What are the limitations of StaticArrays.jl for large arrays?

Btw, looks like you are just trying to understand performance implications, but for the fastest sorting algorithm you can look at

SortingAlgorithms.jl and SortingLab.fsort

Use RadixSort e.g.

using SortingAlgorithms: RadixSort

sort(x, alg = RadixSort)

using SortingLab: fsort

fsort(x)

StaticArrays are useful until some threshold (say 100 elements?) is reached, above which StaticArrays behave like normal arrays performance-wise. I mean, to my understanding, Julia arrays are more like allocatable arrays in Fortran. Whereas normal arrays in Fortran are fixed-size and stack allocated, which may enable further compiler optimizations. I’m searching for a counterpart in Julia. I remember once I heared Keno talking about some proposal along those lines for Julia 2.0.

1 Like

Yes, I know that SortingAlgorithms.jl has much better algorithms suitable for this problem. Even Julia’s standard QuickSort takes only 4 ms to sort this 100k vector. For benchmarking purposes, people usually test the same poor algorithms across different languages. I try to understand why Julia couldn’t close that 10% gap in this benchmark, and my gut feeling pointed to arrays.

1 Like

https://chriselrod.github.io/StrideArrays.jl/dev/stack_allocation/

4 Likes

I cannot really reproduce these differences, the time measures here, of any of the codes, fluctuate far more than the differences. In your machine do you get reliably an execution time of exactly 1s for every Fortran run? That is somewhat weird.
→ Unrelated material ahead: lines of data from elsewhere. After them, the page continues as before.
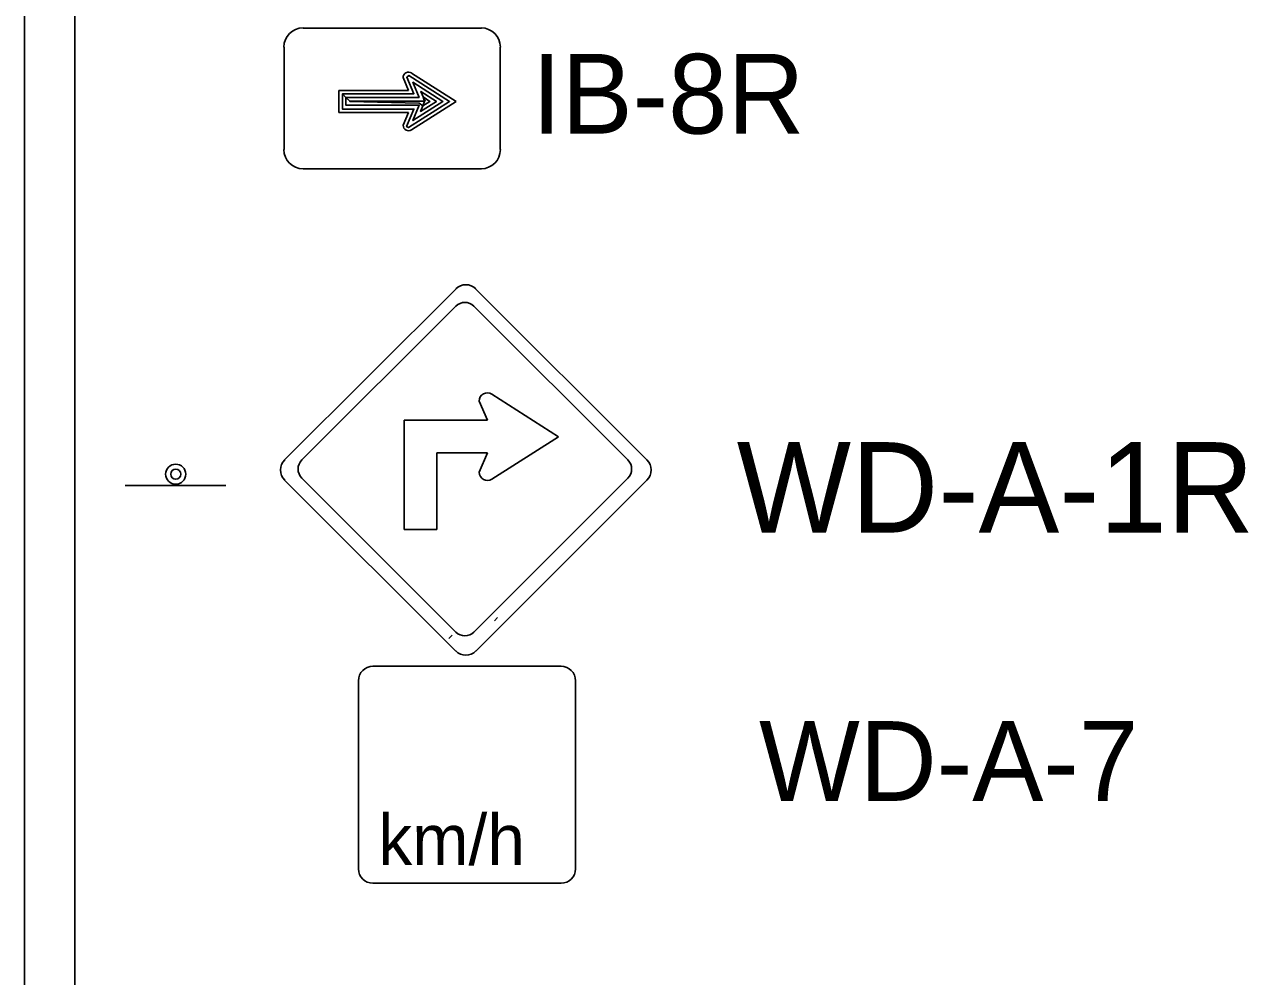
# Model space of a CAD drawing. Extents: x 1806 to 2022, y 110 to 389.
# Drawn here: x 1888.6 to 1918.07, y 170.8 to 193.73 of the extents above; entities that cross this region are included whole.
import ezdxf

# ---------------------------------------------------------------- set-up
doc = ezdxf.new("R2010")
doc.units = 0
for name, color, linetype in [('Level 10', 7, 'Continuous'), ('Level 2', 7, 'Continuous'), ('Level 44', 7, 'Continuous'), ('Level 50', 7, 'Continuous')]:
    doc.layers.add(name, color=color, linetype=linetype)

msp = doc.modelspace()

# ---------------------------------------------------------------- linework, layer by layer
at = {"layer": 'Level 10'}
for p, q in [((1888.603, 208.881), (1888.603, 146.057)), ((1889.812, 208.881), (1889.812, 146.057))]:
    msp.add_line(p, q, dxfattribs=at)
at = {"layer": 'Level 2'}
for p, q in [((1899.993, 179.444), (1899.915, 179.366)), ((1898.9, 179.019), (1898.822, 178.941))]:
    msp.add_line(p, q, dxfattribs=at)
at = {"layer": 'Level 44'}
for p, q in [((1895.311, 193.64), (1899.602, 193.64)), ((1894.855, 190.718), (1894.855, 193.183)), ((1900.054, 193.183), (1900.054, 190.718)), ((1897.849, 192.141), (1897.717, 192.449)), ((1897.922, 192.56), (1898.997, 191.877)), ((1896.172, 192.141), (1897.845, 192.141)), ((1896.172, 191.608), (1896.172, 192.141)), ((1898.997, 191.877), (1897.922, 191.19)), ((1897.849, 191.608), (1896.172, 191.608)), ((1897.721, 191.301), (1897.849, 191.608)), ((1899.602, 190.253), (1895.311, 190.253)), ((1898.987, 187.358), (1894.866, 183.244)), ((1903.587, 183.244), (1899.473, 187.358)), ((1895.279, 183.241), (1898.987, 186.944)), ((1899.425, 186.944), (1903.128, 183.241)), ((1899.852, 184.825), (1901.46, 183.8)), ((1899.748, 184.2), (1899.547, 184.658)), ((1897.743, 181.565), (1897.743, 184.2)), ((1897.743, 184.2), (1899.748, 184.2)), ((1901.46, 183.8), (1899.855, 182.778)), ((1899.751, 183.409), (1898.534, 183.409)), ((1898.534, 183.409), (1898.534, 181.565)), ((1899.553, 182.946), (1899.751, 183.409)), ((1894.866, 182.756), (1898.987, 178.638)), ((1894.87, 182.756), (1894.866, 182.756)), ((1898.987, 179.096), (1895.279, 182.801)), ((1903.128, 182.801), (1899.425, 179.096)), ((1899.473, 178.638), (1903.587, 182.756)), ((1891.03, 182.628), (1893.449, 182.628)), ((1898.534, 181.565), (1897.743, 181.565)), ((1896.992, 178.275), (1901.52, 178.275)), ((1896.642, 173.396), (1896.642, 177.926)), ((1901.87, 177.926), (1901.87, 173.396)), ((1896.642, 173.395), (1896.642, 173.396)), ((1901.52, 173.047), (1896.992, 173.047))]:
    msp.add_line(p, q, dxfattribs=at)
for points in [[(1896.262, 192.06), (1897.977, 192.06), (1897.807, 192.457), (1897.853, 192.5), (1898.839, 191.877), (1897.849, 191.245), (1897.802, 191.271), (1897.977, 191.693), (1896.258, 191.693), (1896.262, 192.06), (1896.343, 191.971), (1898.105, 191.971), (1897.956, 192.338), (1898.677, 191.877), (1897.956, 191.416), (1898.105, 191.783), (1896.343, 191.783), (1896.343, 191.971), (1896.433, 191.885), (1898.246, 191.885), (1898.148, 192.116), (1898.519, 191.877), (1898.139, 191.634), (1898.195, 191.77), (1898.365, 191.877), (1898.203, 191.984), (1898.237, 191.873), (1898.195, 191.77), (1898.109, 191.83), (1896.437, 191.873), (1896.433, 191.885)], [(1896.262, 192.06), (1897.977, 192.06)], [(1896.105, 190.249), (1896.177, 190.249)]]:
    msp.add_lwpolyline(points, dxfattribs=at)
for radius in [0.242, 0.121]:
    msp.add_circle((1892.244, 182.898), radius, dxfattribs=at)
for centre, radius, start, end in [((1895.311, 193.184), 0.462, 90, 180), ((1899.598, 193.184), 0.462, 0, 90), ((1897.851, 192.45), 0.132, 57.5038, 180.1058), ((1897.853, 191.302), 0.132, 180.1051, 302.4986), ((1895.311, 190.715), 0.462, 180, 270), ((1899.598, 190.715), 0.462, 270, 0), ((1899.229, 187.116), 0.345, 45, 135), ((1899.205, 186.725), 0.31, 45, 135), ((1899.746, 184.658), 0.198, 57.5038, 180.1058), ((1895.113, 183), 0.345, 135, 225), ((1895.5, 183.021), 0.31, 135, 225), ((1902.91, 183.021), 0.31, 315, 45), ((1903.346, 183), 0.345, 315, 45), ((1899.75, 182.945), 0.198, 180.1051, 302.4986), ((1899.205, 179.316), 0.31, 225, 315), ((1899.229, 178.884), 0.345, 225, 315), ((1896.992, 177.924), 0.349, 90, 180), ((1901.521, 177.924), 0.349, 360, 90), ((1896.992, 173.395), 0.349, 180, 270), ((1901.521, 173.395), 0.349, 270, 360)]:
    msp.add_arc(centre, radius, start, end, dxfattribs=at)

# ---------------------------------------------------------------- texts
at = {"layer": 'Level 10'}
msp.add_text('WD-A-1R', height=2.1774, rotation=360, dxfattribs=at).set_placement((1905.753, 181.492))
at = {"layer": 'Level 44'}
msp.add_text('km/h', height=1.218, dxfattribs=at).set_placement((1897.122, 173.489))
msp.add_text('km/h', height=1.218, dxfattribs=at).set_placement((1897.122, 173.489))
at = {"layer": 'Level 50'}
for s, height, p in [('IB-8R', 1.92, (1900.819, 191.1)), ('WD-A-7', 1.9199, (1906.289, 175.03))]:
    msp.add_text(s, height=height, rotation=360, dxfattribs=at).set_placement(p)

doc.saveas('drawing.dxf')

The fluctuations can happen due to randomness of the array being sorted. I unified the array by reading from the same file in all languages and I get consistent timings. The gap is more like only 6%.

Julia:
#  1.096 s (0 allocations: 0 bytes)
Others:
# @[20644, 38472, 78042, 7082, 90072, 6454, 13527, 37036, 82249, 20941]
# Execution time: 1.030217885971069
# @[2, 3, 3, 4, 5, 6, 6, 7, 7, 8] 
2 Likes

StrideArrays seems very interesting. In my case though, I find no real change in timings, at most 1.5% in some runs or within noise. Besides, the construction of the x vector in this case is weird. I wrote this x = trunc.(Int, m * (@StrideArray rand(m)) .+ 1 ) and couldn’t do better. Also, it takes too long to compile.

Why not do setup = (y = rand(1:m,m))? Would make the benchmark more varied and not reliant on a specific order on the julia side.

1 Like

Yes, good idea. I get consistent results in Julia 1.096 ± 0.002 s (0 allocations: 0 bytes).